Jacksonville Sports News, Sam Kouvaris - SamSportsline.com

Long Ago and Far Away: Sports Heroes of a Different Time

People ask me all the time how I got into sports journalism. “Did you always want to be a sportscaster?” is a regular question. “No, I always wanted to play third base for the Baltimore Orioles. This seemed like the next best thing. Since quarterbacking the Colts was being occupied by John Unitas.”

I guess I’ve always been interested in sports, always playing something and always active. My mother says I would definitely have been called “hyper active” by today’s analysts and probably been put on some kind of medication. But when it was clear I wasn’t going to make money playing sports, reporting on them would keep me close to the games.
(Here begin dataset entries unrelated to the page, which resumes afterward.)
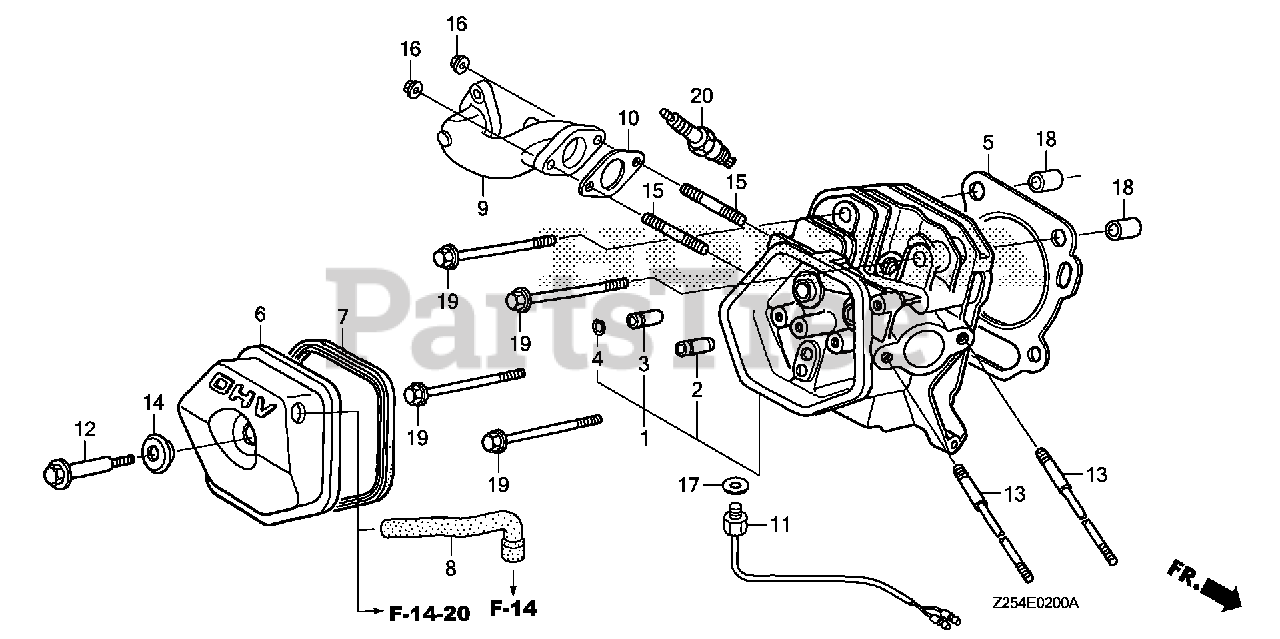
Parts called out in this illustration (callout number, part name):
1	CYLINDER HEAD
2	GUIDE, VALVE (OVER SIZE)
3	GUIDE, EX. VALVE (OVER SIZE)
4	CLIP, VALVE GUIDE
5	GASKET, CYLINDER HEAD (NIPPON LEAKLESS)
6	COVER, HEAD
7	GASKET, HEAD COVER
8	TUBE, BREATHER
10	GASKET, EX. PIPE
11	SENSOR ASSY., TEMPERATURE
12	BOLT, HEAD COVER
13	BOLT, STUD (8X126.5)
14	WASHER, HEAD COVER
15	BOLT, STUD (8X32)
16	NUT, FLANGE (8MM)
17	WASHER, PLAIN (8MM)
18	PIN, DOWEL (12X20)
19	BOLT, FLANGE (10X80)
20	SPARK PLUG (BPR6ES) (NGK)
20	SPARK PLUG (W20EPR-U) (DENSO)
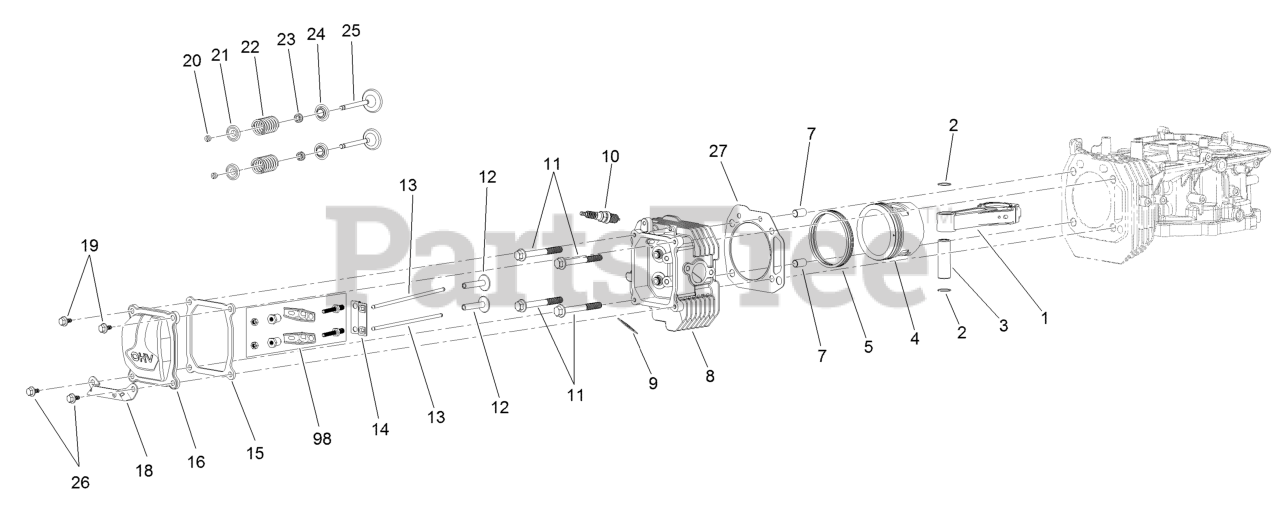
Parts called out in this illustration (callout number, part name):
1	CONNECTING ROD ASM
2	RING-RETAINING, PISTON PI
3	PIN-PISTON
5	RING SET
7	PIN-DOWEL
8	HEAD-CYLINDER
9	GASKET-EXHAUST
10	Plug-Spark
11	SCREW-HHF
12	LIFTER-VALVE
13	ROD-PUSH
14	PLATE-GUIDE, PUSH ROD
15	GASKET-COVER, VALVE
16	COVER-VALVE
18	BRACKET-MUFFLER
19	SCREW-SHOULDER, HHF
20	KEEPER-VALVE
21	RETAINER-SPRING, VALVE
22	SPRING-VALVE
23	SEAL-STEM, VALVE
24	SEAT-SPRING, VALVE
25	VALVE SET
26	SCREW-SHOULDER, HHF
27	GASKET-CYCLINDER

While I had my heroes, Unitas, John Mackey, Brooks and Frank Robinson, the media shielded me from their failings, softly reporting on their “slumps” on the field and never talking about what might be going on “Outside the Lines.” I’ve often wondered how I might have reacted if Brooks or Frank had been dissected the way modern day athletes are while under the glare of constant inspection.
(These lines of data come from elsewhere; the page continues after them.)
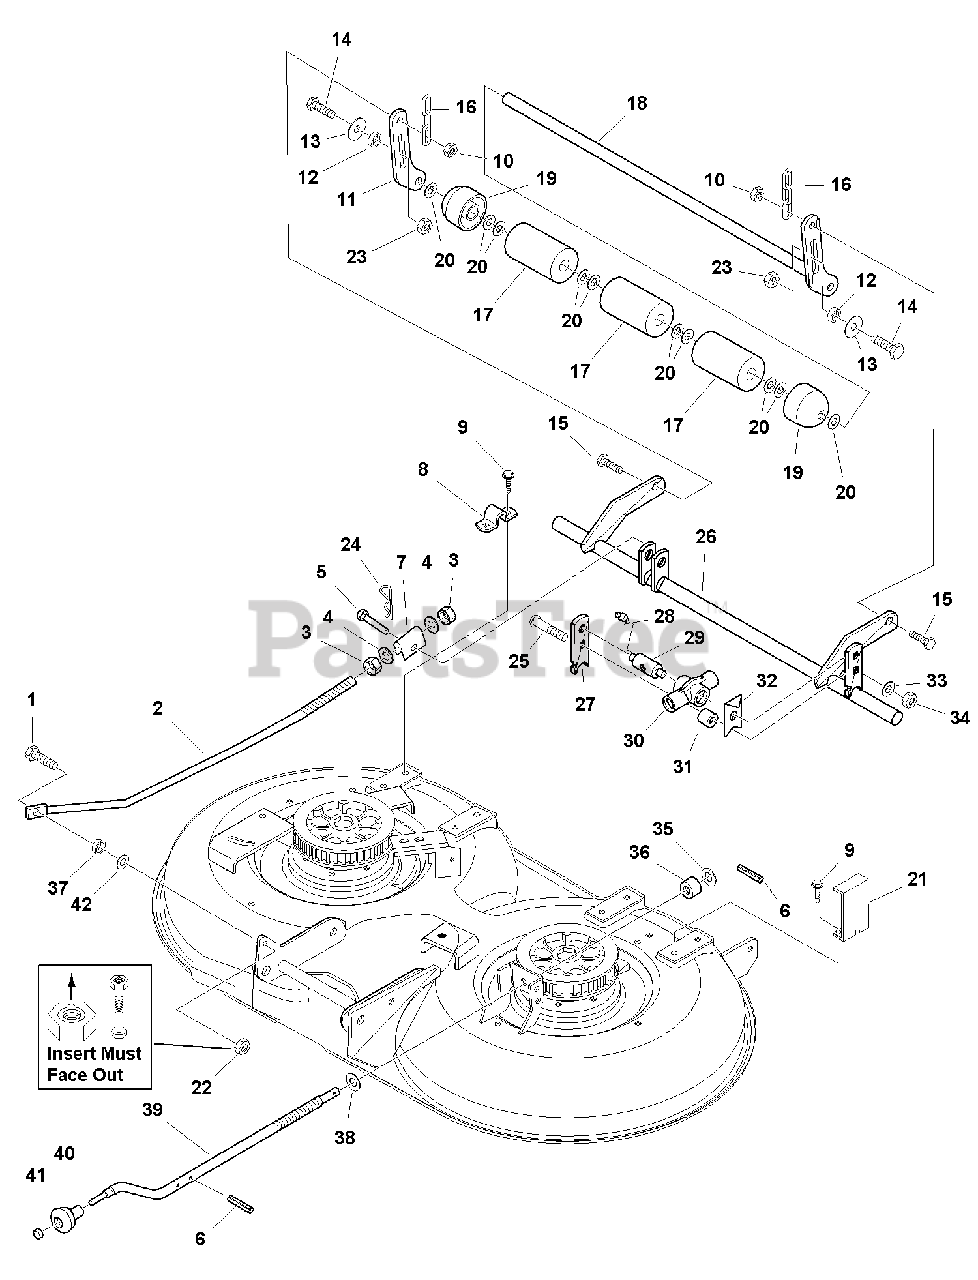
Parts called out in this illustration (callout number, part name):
1	CAPSCREW, Hex Head, 3/8-16 x 2, GR 8, Black
2	ROD & STRAP ASSEMBLY
3	NUT, Hex, 5/8-11, Black
4	WASHER, 5/8
5	PIN, Round Head, Drilled, 3/8 x 2, Black
6	PIN, Spring
7	TRUNNION
8	STRAP
9	CAPSCREW, Hex Washer Head, Tap Tite, 5/16-18 x 3/4, Black
10	NUT, Hex Flange Lock, 3/8-16, Black
11	BAR, Roller
13	WASHER, 5/16, Black
14	CAPSCREW, Hex Head, 3/8-16 x 1-1/2, Black
15	CAPSCREW, Hex Head, 5/16-18 x 1-1/4, Black
16	CHAIN, Link, 3 Links
17	ROLLER, 5/8 ID x 2-1/2 OD x 4 Long
18	SHAFT & BAR ASSEMBLY
19	ROLLER, 5/8 ID x 2-1/2 OD x 2 Long
20	WASHER, 5/8
21	PLATE, Indicator
22	NUT, Hex Lock, Aluminum Insert, 3/8-16
23	NUT, Hex Lock, 3/8-16
24	PIN, Hair
25	CARRIAGE BOLT, 1/2-13 x 2-1/2, Black
26	SHAFT ASSEMBLY, Rocker
28	FITTING, Lube
32	POINTER, Height of Cut
33	LOCKWASHER, 1/2, Black
34	NUT, Hex, 1/2-13, Black
35	WASHER, Special, Nylon
36	BEARING, Thrust
38	WASHER, 5/8, Black
39	CRANK, Height of Cut
40	KNOB, Spinner
41	NUT, Push, 3/8
42	WASHER, 3/8, Black
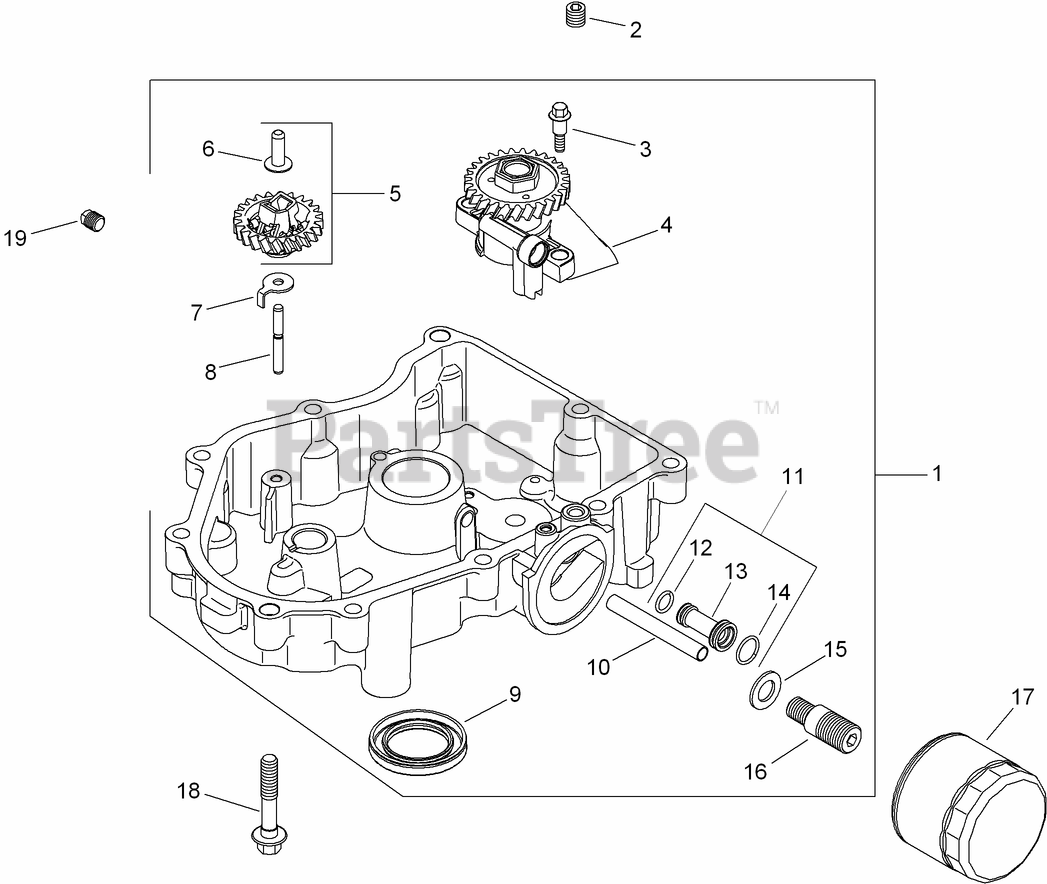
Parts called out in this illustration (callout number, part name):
1	OIL PAN ASM (INCLUDES 2-9, 11 [QTY 1], 24-27)
2	PLUG-PIPE, COUNTERSUNK (1/8)
3	SCREW-SHOULDER, THD FRM (M6x1.0x26.5)
4	OIL PUMP ASM
5	GOVERNOR GEAR KIT W/PIN (INCLUDES 5)
6	PIN-REGULATING, GOVERNOR
7	TAB-LOCKING
8	SHAFT-GEAR, GOVERNOR
9	SEAL-OIL
10	TUBE-FEED, OIL (FILTER TO PAN)
11	OIL FEED TUBE ASM (INCLUDES REF 10, 15, 16)
12	O-RING
13	TUBE-FEED, OIL
14	O-RING
15	WASHER-FLAT
16	NIPPLE-FILTER, OIL
18	SCREW-FLANGE (M8X1.25X45)
19	PLUG-PIPE, SQ HD (3/8)

Perhaps because of my job I never let my own children participate in the kind of hero-worship that was a de facto part of my childhood. Maybe I deprived them of something they should have, but dealing with superstar athletes and coaches as part of my job exposed them as people with extraordinary talent but people nonetheless.

Not to name drop, but when Russell Crowe was in town a few years ago with his rugby team, he talked about how the Rabbitohs reflected the neighborhood they represented, South Sydney. “They played the game the way people in that part of town expected them to play. Hard, the right way. It helped form my personality.”

I had a chance to talk to him about that at length one day while he was here and reflected on my own upbringing in Baltimore and how the Orioles, and the Colts helped form my sensibilities. There was an “Oriole Way.” They wrote books about it. It was the right way to play baseball.

Period.

Earl Weaver’s death reminded me of that.

For all the media coverage of his temper tantrums and ejections, Weaver wanted the game played the right way, the Oriole Way, and that lead them to being the most successful franchise in sports during his tenure.

Being raised in an American League city, those guys in the National League seemed very far away. Only Saturday afternoon games on television brought them to life and the World Series often defined their careers. I knew all about Mantle and Maris, McLain and Lolich, and Yaz. Mays was a towering figure regardless of what league he was playing in but Bob Gibson could have been playing in another country until October rolled around.

Stan Musial was different though. He was mythical. You’d hear radio reports, read box scores or follow television commentators who talked about his hits, doubles, consistency and unfailing charm. He couldn’t be real? Could he?

Perhaps like Oriole fans of that generation, Cardinal fans are glad there was a bit of distance between their on-field hero and us mere mortals. We’re missing some of that mystery these days. Musial would have have been the perfect Oriole.